Linear Attention for Efficient Bidirectional Sequence Modeling
Arshia Afzal, Elias Abad Rocamora, Leyla Naz Candogan, Pol Puigdemont, Francesco Tonin, Yongtao Wu, Mahsa Shoaran, Volkan Cevher
TL;DR
This paper addresses the challenge of applying Linear Transformers to bidirectional sequence modeling by introducing LION, a unified framework that unifies full Linear Attention, bidirectional RNN, and chunkwise parallel forms under a single theory. It demonstrates how existing linear-transformer variants (e.g., Vanilla Linear Transformer, RetNet, Mamba-like models) can be mapped into LION with either diagonal or selective decay masks, and presents three instantiations—Lion-lit, Lion-d, and Lion-s—covering no-decay, fixed-decay, and selective-decay regimes. Through extensive experiments on ImageNet, C4 MLM, and Long Range Arena, LION variants achieve competitive or superior performance relative to softmax Transformers and prior SSMs, while delivering significantly faster training and more memory-efficient inference, especially in RNN form or chunked implementations. The framework enables flexible trade-offs between training speed and inference efficiency, and demonstrates practical mappings and ablations across diverse tasks, marking a substantial step toward scalable bidirectional Linear Transformers for both vision and language domains.
Abstract
Linear Transformers and State Space Models have emerged as efficient alternatives to softmax Transformers for causal sequence modeling, enabling parallel training via matrix multiplication and efficient RNN-style inference. However, despite their success in causal tasks, no unified framework exists for applying Linear Transformers to bidirectional sequence modeling. We introduce LION, the first framework to systematically extend Linear Transformers to the bidirectional setting. LION generalizes three core representations commonly used in the causal case - full Linear Attention , bidirectional RNN, and chunkwise parallel form - to the bidirectional setting.
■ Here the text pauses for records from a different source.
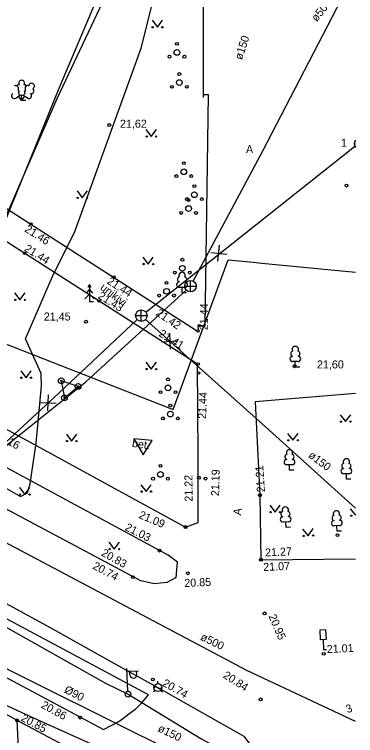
# Model space of a CAD drawing. Extents: x 714038 to 714279, y 6589845 to 6590041.
# Drawn here: x 714249.2 to 714279, y 6589892.8 to 6589955.8 of the extents above; entities that cross this region are included whole.
import ezdxf

# ---------------------------------------------------------------- set-up
doc = ezdxf.new("R2010")
doc.units = 0
for name, color, linetype in [('HALJASTUS', 7, 'Continuous'), ('HOONE', 7, 'Continuous'), ('HOONEDET', 7, 'Continuous'), ('KKAEV', 7, 'Continuous'), ('KORGUS', 7, 'Continuous'), ('KPKAABEL', 7, 'Continuous'), ('LIIKLUS', 7, 'Continuous'), ('MPKAABEL', 7, 'Continuous'), ('POST', 7, 'Continuous'), ('PUU', 7, 'Continuous'), ('SITRASS', 7, 'Continuous'), ('SKTRASS', 7, 'Continuous'), ('TEE', 7, 'Continuous'), ('TORU NR', 7, 'Continuous'), ('TTRASS', 7, 'Continuous'), ('VTRASS', 7, 'Continuous')]:
    doc.layers.add(name, color=color, linetype=linetype)

msp = doc.modelspace()

# ---------------------------------------------------------------- linework, layer by layer
at = {"layer": 'HALJASTUS'}
for p, q in [((714261.178, 6589955.328), (714261.641, 6589954.722)), ((714261.641, 6589954.722), (714262.087, 6589955.328)), ((714260.647, 6589945.77), (714261.11, 6589945.163)), ((714261.11, 6589945.163), (714261.556, 6589945.77)), ((714254.625, 6589940.415), (714255.088, 6589939.808)), ((714255.088, 6589939.808), (714255.534, 6589940.415)), ((714260.381, 6589934.618), (714260.844, 6589934.011)), ((714260.844, 6589934.011), (714261.29, 6589934.618)), ((714249.176, 6589931.491), (714249.64, 6589930.884)), ((714249.64, 6589930.884), (714250.085, 6589931.491)), ((714260.646, 6589925.438), (714261.11, 6589924.831)), ((714261.11, 6589924.831), (714261.555, 6589925.438)), ((714249.708, 6589924.676), (714250.171, 6589924.069)), ((714250.171, 6589924.069), (714250.617, 6589924.676)), ((714277.617, 6589920.837), (714278.08, 6589920.23)), ((714278.08, 6589920.23), (714278.526, 6589920.837)), ((714253.693, 6589919.144), (714254.156, 6589918.538)), ((714254.156, 6589918.538), (714254.602, 6589919.144)), ((714273.017, 6589919.207), (714273.48, 6589918.6)), ((714273.48, 6589918.6), (714273.926, 6589919.207)), ((714260.201, 6589914.719), (714260.665, 6589914.112)), ((714260.665, 6589914.112), (714261.11, 6589914.719)), ((714249.599, 6589914.466), (714250.063, 6589913.859)), ((714250.063, 6589913.859), (714250.508, 6589914.466)), ((714271.467, 6589912.927), (714271.93, 6589912.32)), ((714271.93, 6589912.32), (714272.376, 6589912.927)), ((714278.49, 6589912.615), (714278.95, 6589912.066)), ((714274.33, 6589910.835), (714274.82, 6589910.25)), ((714274.82, 6589910.25), (714275.238, 6589910.876)), ((714257.418, 6589909.687), (714257.882, 6589909.08)), ((714257.882, 6589909.08), (714258.327, 6589909.687))]:
    msp.add_line(p, q, dxfattribs=at)
for centre, radius in [((714261.24, 6589954.722), 0.055), ((714262.069, 6589954.722), 0.055), ((714263.353, 6589953.273), 0.125), ((714263.353, 6589952.523), 0.25), ((714262.703, 6589952.148), 0.125), ((714264.003, 6589952.148), 0.125), ((714263.56, 6589950.63), 0.125), ((714263.56, 6589949.88), 0.25), ((714262.91, 6589949.505), 0.125), ((714264.21, 6589949.505), 0.125), ((714260.709, 6589945.163), 0.055), ((714261.538, 6589945.163), 0.055), ((714263.95, 6589942.831), 0.125), ((714263.95, 6589942.081), 0.25), ((714263.3, 6589941.706), 0.125), ((714264.6, 6589941.706), 0.125), ((714264.872, 6589940.822), 0.125), ((714254.687, 6589939.808), 0.055), ((714255.516, 6589939.808), 0.055), ((714264.222, 6589939.697), 0.125), ((714264.872, 6589940.072), 0.25), ((714265.522, 6589939.697), 0.125), ((714264.366, 6589938.86), 0.25), ((714264.366, 6589939.61), 0.125), ((714263.716, 6589938.485), 0.125), ((714265.016, 6589938.485), 0.125), ((714260.443, 6589934.011), 0.055), ((714261.272, 6589934.011), 0.055), ((714263.823, 6589934.391), 0.125), ((714263.823, 6589933.641), 0.25), ((714263.173, 6589933.266), 0.125), ((714264.473, 6589933.266), 0.125), ((714262.446, 6589932.376), 0.125), ((714262.446, 6589931.626), 0.25), ((714249.239, 6589930.884), 0.055), ((714250.068, 6589930.884), 0.055), ((714261.796, 6589931.251), 0.125), ((714263.096, 6589931.251), 0.125), ((714260.708, 6589924.831), 0.055), ((714261.537, 6589924.831), 0.055), ((714249.77, 6589924.069), 0.055), ((714250.599, 6589924.069), 0.055), ((714262.572, 6589923.929), 0.125), ((714262.572, 6589923.179), 0.25), ((714261.922, 6589922.804), 0.125), ((714263.222, 6589922.804), 0.125), ((714262.777, 6589921.643), 0.125), ((714262.777, 6589920.893), 0.25), ((714262.127, 6589920.518), 0.125), ((714263.427, 6589920.518), 0.125), ((714277.679, 6589920.23), 0.055), ((714278.508, 6589920.23), 0.055), ((714253.755, 6589918.538), 0.055), ((714254.584, 6589918.538), 0.055), ((714273.079, 6589918.6), 0.055), ((714273.908, 6589918.6), 0.055), ((714261.912, 6589916.37), 0.125), ((714261.912, 6589915.62), 0.25), ((714261.262, 6589915.245), 0.125), ((714262.562, 6589915.245), 0.125), ((714249.662, 6589913.859), 0.055), ((714250.49, 6589913.859), 0.055), ((714260.264, 6589914.112), 0.055), ((714261.092, 6589914.112), 0.055), ((714271.529, 6589912.32), 0.055), ((714272.358, 6589912.32), 0.055), ((714278.579, 6589912.012), 0.055), ((714274.419, 6589910.232), 0.055), ((714275.247, 6589910.269), 0.055), ((714257.481, 6589909.08), 0.055), ((714258.31, 6589909.08), 0.055)]:
    msp.add_circle(centre, radius, dxfattribs=at)
at = {"layer": 'HOONE'}
for p, q in [((714261.69, 6589897.33), (714261.69, 6589897.527)), ((714261.34, 6589896.978), (714261.551, 6589897.084)), ((714261.551, 6589897.084), (714261.829, 6589896.876)), ((714261.829, 6589896.876), (714262.04, 6589896.982)), ((714261.443, 6589896.733), (714261.303, 6589896.593)), ((714261.937, 6589896.733), (714262.077, 6589896.593))]:
    msp.add_line(p, q, dxfattribs=at)
for points in [[(714037.81, 6590017.576), (714059.08, 6590006.51), (714072.38, 6589999.69), (714082.14, 6589994.37), (714104.85, 6589981.96), (714150.21, 6589957.43), (714183.55, 6589939.45), (714202.68, 6589928.99), (714214.04, 6589922.75), (714222.92, 6589918.06), (714237.47, 6589910.29), (714252.27, 6589902.23), (714256.602, 6589899.815), (714258.577, 6589898.715), (714261.69, 6589896.98)], [(714261.69, 6589896.98), (714269.19, 6589892.73), (714270.31, 6589891.25), (714277.37, 6589880.57), (714278.95, 6589878.149)]]:
    msp.add_lwpolyline(points, dxfattribs=at)
msp.add_circle((714261.69, 6589896.98), 0.35, dxfattribs=at)
at = {"layer": 'KKAEV'}
for p, q in [((714278.83, 6589944.52), (714278.95, 6589944.52)), ((714264.54, 6589931.58), (714264.54, 6589932.58)), ((714264.04, 6589932.08), (714265.04, 6589932.08)), ((714260.24, 6589929), (714260.24, 6589930)), ((714259.74, 6589929.5), (714260.74, 6589929.5))]:
    msp.add_line(p, q, dxfattribs=at)
for centre in [(714264.54, 6589932.08), (714260.24, 6589929.5)]:
    msp.add_circle(centre, 0.5, dxfattribs=at)
msp.add_arc((714279.33, 6589944.52), 0.5, 139.4488, 220.5512, dxfattribs=at)
at = {"layer": 'KORGUS'}
for centre, radius in [((714257.44, 6589946.17), 0.125), ((714278.16, 6589940.87), 0.125), ((714250.617, 6589937.504), 0.1), ((714250.05, 6589934.946), 0.1), ((714257.844, 6589932.88), 0.1), ((714256.534, 6589930.782), 0.1), ((714255.41, 6589928.97), 0.125), ((714265.307, 6589928.638), 0.1), ((714265.203, 6589928.162), 0.1), ((714265.219, 6589925.268), 0.1), ((714273.63, 6589925.07), 0.125), ((714265.24, 6589924.495), 0.1), ((714265.27, 6589915.33), 0.125), ((714265.84, 6589915.25), 0.125), ((714270.6, 6589913.8), 0.125), ((714264.11, 6589911.01), 0.125), ((714277.37, 6589910.3), 0.125), ((714261.83, 6589908.95), 0.125), ((714270.69, 6589908.15), 0.125), ((714264.3, 6589906.97), 0.125), ((714259.5, 6589906.63), 0.125), ((714271.01, 6589903.46), 0.125), ((714276.17, 6589899.93), 0.125), ((714261.25, 6589897.68), 0.125), ((714270.66, 6589895.94), 0.125), ((714254.9, 6589894.35), 0.125), ((714249.4, 6589894.11), 0.125)]:
    msp.add_circle(centre, radius, dxfattribs=at)
at = {"layer": 'KPKAABEL'}
msp.add_lwpolyline([(714278.95, 6590013.083), (714274.696, 6590002.154), (714268.806, 6589986.746), (714264.689, 6589977.209), (714260.118, 6589965.851), (714258.032, 6589961.24), (714253.05, 6589949.372), (714248.466, 6589938.096), (714247.531, 6589934.989), (714246.389, 6589934.367), (714239.483, 6589937.254), (714226.492, 6589940.819), (714222.669, 6589940.979), (714220.982, 6589941.049), (714220.257, 6589940.365), (714218.76, 6589936.611), (714215.836, 6589929.757), (714212.225, 6589922.206), (714208.098, 6589916.26), (714202.344, 6589907.69)], dxfattribs=at)
at = {"layer": 'LIIKLUS'}
for p, q in [((714253.247, 6589923.811), (714253.529, 6589922.304)), ((714254.72, 6589923.315), (714253.247, 6589923.811)), ((714253.529, 6589922.304), (714254.72, 6589923.315))]:
    msp.add_line(p, q, dxfattribs=at)
for points in [[(714276.332, 6589902.029), (714275.832, 6589902.007)], [(714275.832, 6589902.007), (714275.87, 6589901.158)], [(714276.332, 6589902.029), (714276.37, 6589901.18)], [(714276.37, 6589901.18), (714275.87, 6589901.158)], [(714276.12, 6589901.169), (714276.16, 6589900.27)], [(714276.41, 6589900.281), (714276.16, 6589900.27)]]:
    msp.add_lwpolyline(points, dxfattribs=at)
for centre, radius in [((714253.247, 6589923.811), 0.25), ((714253.247, 6589923.811), 0.05), ((714254.72, 6589923.315), 0.25), ((714254.72, 6589923.315), 0.05), ((714253.529, 6589922.304), 0.25), ((714253.529, 6589922.304), 0.05)]:
    msp.add_circle(centre, radius, dxfattribs=at)
at = {"layer": 'MPKAABEL'}
for p, q in [((714266.928, 6589934.263), (714267.077, 6589935.655)), ((714266.307, 6589935.034), (714267.699, 6589934.885)), ((714262.699, 6589927.958), (714262.774, 6589926.56)), ((714262.037, 6589927.222), (714263.435, 6589927.297)), ((714252.084, 6589921.18), (714252.142, 6589922.578)), ((714251.414, 6589921.908), (714252.813, 6589921.85))]:
    msp.add_line(p, q, dxfattribs=at)
for points in [[(714215.066, 6589943.967), (714214.846, 6589942.32), (714213.494, 6589938.395), (714212.085, 6589935.688), (714211.383, 6589934.84), (714211.278, 6589934.105), (714212.162, 6589933.623), (714233.552, 6589922.923), (714249.701, 6589913.675), (714250.295, 6589914.005), (714250.521, 6589914.785), (714251.05, 6589918.335), (714251.513, 6589923.366), (714251.481, 6589924.441), (714250.114, 6589927.476), (714252.56, 6589933.122), (714254.403, 6589936.762), (714260.237, 6589952.896), (714261.787, 6589959.195)], [(714231.9, 6589911.052), (714237.45, 6589907.982), (714245.1, 6589904.132), (714257.12, 6589897.374), (714259.08, 6589896.4)], [(714259.08, 6589896.4), (714265.45, 6589892.52), (714272.58, 6589888.54), (714277.82, 6589885.3), (714278.95, 6589884.501)]]:
    msp.add_lwpolyline(points, dxfattribs=at)
at = {"layer": 'POST'}
for p, q in [((714259.069, 6589896.65), (714258.979, 6589898.648)), ((714258.991, 6589898.398), (714259.99, 6589898.443)), ((714259.231, 6589898.088), (714259.217, 6589898.408)), ((714259.844, 6589898.115), (714259.829, 6589898.436))]:
    msp.add_line(p, q, dxfattribs=at)
msp.add_circle((714259.08, 6589896.4), 0.25, dxfattribs=at)
msp.add_arc((714259.537, 6589898.101), 0.306, 182.5627, 2.5627, dxfattribs=at)
at = {"layer": 'PUU'}
for p, q in [((714249.28, 6589948.531), (714249.64, 6589948.786)), ((714249.79, 6589948.311), (714249.515, 6589948.696)), ((714249.64, 6589948.786), (714249.935, 6589948.786)), ((714249.79, 6589948.311), (714249.79, 6589948.786)), ((714249.79, 6589948.311), (714250.06, 6589948.701)), ((714249.935, 6589948.786), (714250.295, 6589948.541)), ((714250.17, 6589948.311), (714249.79, 6589948.311)), ((714255.715, 6589932.215), (714255.565, 6589931.965)), ((714255.865, 6589931.965), (714255.715, 6589932.215)), ((714255.715, 6589932.215), (714255.715, 6589930.715)), ((714255.715, 6589931.815), (714255.415, 6589931.465)), ((714256.015, 6589931.465), (714255.715, 6589931.815)), ((714264.039, 6589931.974), (714263.559, 6589931.974)), ((714263.799, 6589931.499), (714263.799, 6589931.974)), ((714255.715, 6589931.365), (714255.315, 6589930.965)), ((714256.115, 6589930.965), (714255.715, 6589931.365)), ((714264.179, 6589931.499), (714263.799, 6589931.499)), ((714256.075, 6589930.715), (714255.715, 6589930.715)), ((714273.93, 6589925.485), (714273.45, 6589925.485)), ((714273.69, 6589925.01), (714273.69, 6589925.485)), ((714274.07, 6589925.01), (714273.69, 6589925.01)), ((714273.42, 6589916.455), (714272.94, 6589916.455)), ((714273.18, 6589915.98), (714273.18, 6589916.455)), ((714273.56, 6589915.98), (714273.18, 6589915.98)), ((714278.39, 6589915.665), (714277.91, 6589915.665)), ((714278.15, 6589915.19), (714278.15, 6589915.665)), ((714278.53, 6589915.19), (714278.15, 6589915.19)), ((714273.099, 6589911.465), (714272.619, 6589911.444)), ((714272.88, 6589910.98), (714272.859, 6589911.455)), ((714273.26, 6589910.997), (714272.88, 6589910.98)), ((714277.569, 6589911.135), (714277.089, 6589911.114)), ((714277.35, 6589910.65), (714277.329, 6589911.125)), ((714277.73, 6589910.667), (714277.35, 6589910.65))]:
    msp.add_line(p, q, dxfattribs=at)
for points in [[(714249.377, 6589949.598), (714249.48, 6589949.496), (714249.495, 6589949.466), (714249.495, 6589949.411), (714249.48, 6589949.321), (714249.48, 6589949.276), (714249.5, 6589949.196), (714249.54, 6589949.106), (714249.55, 6589949.061), (714249.545, 6589949.016), (714249.53, 6589948.951), (714249.53, 6589948.921), (714249.55, 6589948.881), (714249.575, 6589948.851), (714249.64, 6589948.786)], [(714250.194, 6589949.612), (714250.1, 6589949.496), (714250.085, 6589949.466), (714250.085, 6589949.411), (714250.1, 6589949.321), (714250.105, 6589949.276), (714250.085, 6589949.196), (714250.045, 6589949.106), (714250.035, 6589949.061), (714250.04, 6589949.016), (714250.055, 6589948.951), (714250.055, 6589948.921), (714250.035, 6589948.881), (714250.01, 6589948.851), (714249.94, 6589948.786)]]:
    msp.add_lwpolyline(points, dxfattribs=at)
for centre, radius, start, end in [((714249.79, 6589949.831), 0.256, 90.00126, 211.01588), ((714249.79, 6589949.831), 0.256, 328.98412, 89.99874), ((714249.293, 6589949.415), 0.202, 65.23821, 130.74121), ((714249.552, 6589949.498), 0.202, 84.79647, 150.29947), ((714250.027, 6589949.498), 0.202, 34.38566, 95.20353), ((714250.266, 6589949.424), 0.202, 50.31726, 111.13512), ((714250.65, 6589949.564), 0.256, 55.52204, 176.53666), ((714250.63, 6589949.146), 0.224, 252.52354, 55.59181), ((714250.65, 6589949.564), 0.256, 294.50491, 55.51952), ((714249.144, 6589948.725), 0.237, 125.53768, 305.53661), ((714250.428, 6589948.737), 0.237, 235.52186, 55.52078), ((714263.629, 6589932.672), 0.233, 109.02174, 253.14154), ((714263.799, 6589933.019), 0.277, 332.5799, 207.4201), ((714263.969, 6589932.672), 0.233, 286.85082, 70.98591), ((714263.561, 6589932.211), 0.238, 90.0016, 269.3953), ((714264.036, 6589932.211), 0.238, 270.6047, 89.9984), ((714273.69, 6589926.53), 0.277, 332.5799, 207.4201), ((714273.453, 6589925.722), 0.238, 90.0016, 269.3953), ((714273.52, 6589926.183), 0.233, 109.02174, 253.14154), ((714273.86, 6589926.183), 0.233, 286.85082, 70.98591), ((714273.927, 6589925.722), 0.238, 270.6047, 89.9984), ((714273.18, 6589917.5), 0.277, 332.5799, 207.4201), ((714273.01, 6589917.153), 0.233, 109.02174, 253.14154), ((714273.35, 6589917.153), 0.233, 286.85082, 70.98591), ((714272.943, 6589916.692), 0.238, 90.0016, 269.3953), ((714273.417, 6589916.692), 0.238, 270.6047, 89.9984), ((714277.98, 6589916.363), 0.233, 109.02174, 253.14154), ((714278.15, 6589916.71), 0.277, 332.5799, 207.4201), ((714278.32, 6589916.363), 0.233, 286.85082, 70.98591), ((714277.913, 6589915.902), 0.238, 90.0016, 269.3953), ((714278.387, 6589915.902), 0.238, 270.6047, 89.9984), ((714272.812, 6589912.498), 0.277, 335.1426, 209.9828), ((714272.658, 6589912.144), 0.233, 111.58444, 255.70424), ((714272.997, 6589912.159), 0.233, 289.41352, 73.54861), ((714277.128, 6589911.814), 0.233, 111.58444, 255.70424), ((714277.282, 6589912.168), 0.277, 335.1426, 209.9828), ((714277.467, 6589911.829), 0.233, 289.41352, 73.54861), ((714272.611, 6589911.681), 0.238, 92.5643, 271.958), ((714273.085, 6589911.702), 0.238, 273.16741, 92.5611), ((714277.081, 6589911.351), 0.238, 92.5643, 271.958), ((714277.555, 6589911.372), 0.238, 273.16741, 92.5611)]:
    msp.add_arc(centre, radius, start, end, dxfattribs=at)
at = {"layer": 'SITRASS'}
msp.add_lwpolyline([(714228.11, 6589904.769), (714235.097, 6589901.472), (714246.809, 6589896.155), (714249.743, 6589894.816), (714250.57, 6589894.44), (714264.7, 6589888.06), (714272.32, 6589884.65)], dxfattribs=at)
at = {"layer": 'SKTRASS'}
for points in [[(714264.775, 6589932.521), (714270.85, 6589943.92), (714278.95, 6589959.571)], [(714260.629, 6589929.814), (714278.863, 6589944.287)], [(714242.415, 6589913.339), (714255.39, 6589923.72), (714264.171, 6589931.743)], [(714247.18, 6589917.34), (714253.06, 6589922.75), (714259.876, 6589929.158)], [(714278.95, 6589912.658), (714271.08, 6589919.77), (714260.612, 6589929.166)], [(714278.95, 6589894.02), (714269.47, 6589898.47), (714242.461, 6589912.782)]]:
    msp.add_lwpolyline(points, dxfattribs=at)
at = {"layer": 'TEE'}
for points in [[(714265.679, 6589948.579), (714265.679, 6589961.34)], [(714237.479, 6589956.311), (714237.505, 6589955.772), (714237.56, 6589955.119), (714237.618, 6589954.629), (714237.686, 6589954.16), (714237.775, 6589953.648), (714237.953, 6589952.822), (714238.519, 6589952.862), (714241.392, 6589953.057), (714241.599, 6589949.716), (714246.102, 6589949.982), (714246.498, 6589940.136), (714265.073, 6589928.211), (714265.223, 6589928.249)], [(714265.216, 6589928.602), (714265.814, 6589928.61), (714266.104, 6589948.802), (714265.679, 6589948.799)], [(714263.275, 6589906.612), (714262.481, 6589906.156), (714261.368, 6589906.05), (714260.213, 6589906.315), (714240.788, 6589916.652), (714217.995, 6589928.881), (714199.241, 6589938.974), (714197.452, 6589940.713), (714195.768, 6589942.431), (714184.455, 6589948.554)], [(714263.275, 6589906.612), (714263.414, 6589907.94), (714262.577, 6589908.551), (714241.037, 6589920.211), (714219.611, 6589931.838), (714198.955, 6589942.945), (714197.611, 6589943.352), (714197.847, 6589943.789), (714196.868, 6589944.026)], [(714217.759, 6589936.392), (714238.65, 6589925.109), (714247.372, 6589920.348), (714247.69, 6589919.978), (714264.11, 6589911.01), (714265.191, 6589911.398), (714265.199, 6589917.222), (714265.151, 6589925.259), (714246.63, 6589937.111), (714247.349, 6589920.604), (714247.372, 6589920.348)], [(714265.223, 6589928.249), (714265.216, 6589928.602)], [(714278.95, 6589922.701), (714270.19, 6589921.97), (714270.59, 6589913.8), (714270.594, 6589913.795), (714270.685, 6589908.149), (714278.95, 6589908.24)], [(714259.587, 6589918.715), (714260.402, 6589917.326), (714261.183, 6589918.581), (714259.587, 6589918.715)], [(714260.872, 6589896.331), (714241.905, 6589906.497)], [(714241.895, 6589901.346), (714256.945, 6589893.296), (714258.288, 6589894.014), (714258.288, 6589894.014), (714258.288, 6589894.014), (714259.596, 6589894.991), (714259.596, 6589894.991), (714259.723, 6589895.1), (714259.723, 6589895.1), (714260.278, 6589895.636), (714260.278, 6589895.636), (714260.278, 6589895.636), (714260.872, 6589896.331)], [(714263.472, 6589878.412), (714265.767, 6589878.509), (714265.522, 6589885.849), (714264.63, 6589886.315), (714264.168, 6589886.556), (714263.52, 6589886.894), (714261.567, 6589887.913), (714261.242, 6589888.082), (714254.879, 6589891.188), (714249.398, 6589894.111), (714248.724, 6589894.462), (714243.421, 6589897.164)], [(714249.729, 6589887.538), (714249.398, 6589894.111)]]:
    msp.add_lwpolyline(points, dxfattribs=at)
at = {"layer": 'TTRASS'}
msp.add_lwpolyline([(714232.746, 6589933.149), (714263.03, 6589921.28), (714267.83, 6589934.38), (714270.013, 6589934.171), (714270.776, 6589934.097), (714278.95, 6589933.313)], dxfattribs=at)
at = {"layer": 'VTRASS'}
for points in [[(714234.193, 6589907.469), (714237.059, 6589913.816), (714240.349, 6589920.042), (714244.05, 6589926.694), (714247.419, 6589935.922), (714252.894, 6589948.5), (714258.093, 6589959.582), (714259.692, 6589963.065), (714262.845, 6589969.359)], [(714233.488, 6589906.247), (714239.337, 6589903.162), (714263.403, 6589891.181), (714275.749, 6589884.323), (714275.315, 6589880.416), (714276.224, 6589845.18)]]:
    msp.add_lwpolyline(points, dxfattribs=at)

# ---------------------------------------------------------------- texts
at = {"layer": 'HOONEDET'}
msp.add_text('bet.', height=0.7, rotation=351.65842, dxfattribs=at).set_placement((714259.394, 6589918.026))
at = {"layer": 'KORGUS'}
for s, p in [('21,62', (714258.376, 6589945.935)), ('21,45', (714251.726, 6589929.075)), ('21,60', (714275.579, 6589924.885))]:
    msp.add_text(s, height=0.7, dxfattribs=at).set_placement(p)
for s, rotation, p in [(' 21.46', 327.49666, (714249.765, 6589937.041)), (' 21.44 ', 328.16066, (714249.744, 6589935.334)), (' 21.44', 327.51431, (714256.963, 6589932.486)), (' 21.43', 327.54066, (714256.18, 6589931.205)), (' 21.44', 88.82124, (714266.027, 6589927.963)), (' 21.42', 325.88298, (714261.238, 6589929.722)), (' 21.41', 328.11322, (714261.482, 6589927.889)), (' 21.44', 87.21541, (714265.871, 6589920.201)), ('21.16', 331.84581, (714247.33, 6589918.88)), ('21.19', 88.58076, (714267.03, 6589913.71)), ('21.21', 93.6523, (714271.04, 6589914.08)), ('21.22', 90.74082, (714264.73, 6589913.24)), ('21.09', 336.83679, (714259.96, 6589911.83)), ('21.03', 333.07011, (714258.75, 6589910.78)), ('20.83', 330.53998, (714256.68, 6589908.56)), ('21.27', 2.55816, (714271.06, 6589908.44)), ('20.74', 331.58168, (714255.93, 6589907.41)), ('21.07', 2.55816, (714270.9, 6589907.17)), ('20.85', 2.55816, (714264.01, 6589905.77)), ('20.95', 293.32162, (714271.33, 6589903.22)), ('21.01', 2.55816, (714276.45, 6589899.99)), ('20.84', 327.55264, (714267.32, 6589897.88)), ('20.74', 330.23769, (714262.02, 6589897.17)), ('20.86', 331.04103, (714251.43, 6589895.25)), ('20.85', 331.71798, (714249.67, 6589894.11))]:
    msp.add_text(s, height=0.7, rotation=rotation, dxfattribs=at).set_placement(p)
at = {"layer": 'TEE'}
msp.add_text('A', height=0.7, dxfattribs=at).set_placement((714269.385, 6589943.714))
for s, rotation, p in [('unikivi', 322.45128, (714256.591, 6589931.849)), ('A', 82.94601, (714268.95, 6589912.01))]:
    msp.add_text(s, height=0.7, rotation=rotation, dxfattribs=at).set_placement(p)
at = {"layer": 'TORU NR'}
for s, rotation, p in [('ø500', 51.06037, (714275.555, 6589955.156)), ('ø150', 71.84301, (714269.026, 6589951.819)), ('1', 359.97878, (714277.668, 6589944.265)), ('ø150', 322.98296, (714274.762, 6589917.165)), ('ø500', 333.98862, (714265.335, 6589901.174)), ('3', 20.87258, (714278.253, 6589894.726)), ('ø150', 333.98862, (714261.618, 6589893.183))]:
    msp.add_text(s, height=0.7, rotation=rotation, dxfattribs=at).set_placement(p)
at = {"layer": 'VTRASS'}
msp.add_text('%%c90', height=0.7, rotation=332.53299, dxfattribs=at).set_placement((714253.446, 6589896.57))

doc.saveas('drawing.dxf')

These forms are theoretically equivalent and enable models to exploit the strengths of each during training and inference. We prove that a broad class of Linear Transformers can be extended using LION and validate our framework via three core examples based on the choice of decay type: LION-LIT, the bidirectional extension of arXiv:2006.16236; LION-D, based on arXiv:2307.08621; and LION-S, a variant using selective decay arXiv:2103.02143, arXiv:2312.0075. Across standard bidirectional tasks, LION enables models to match or exceed the performance of softmax Transformers, while offering significantly faster training and more efficient inference than existing State Space Models.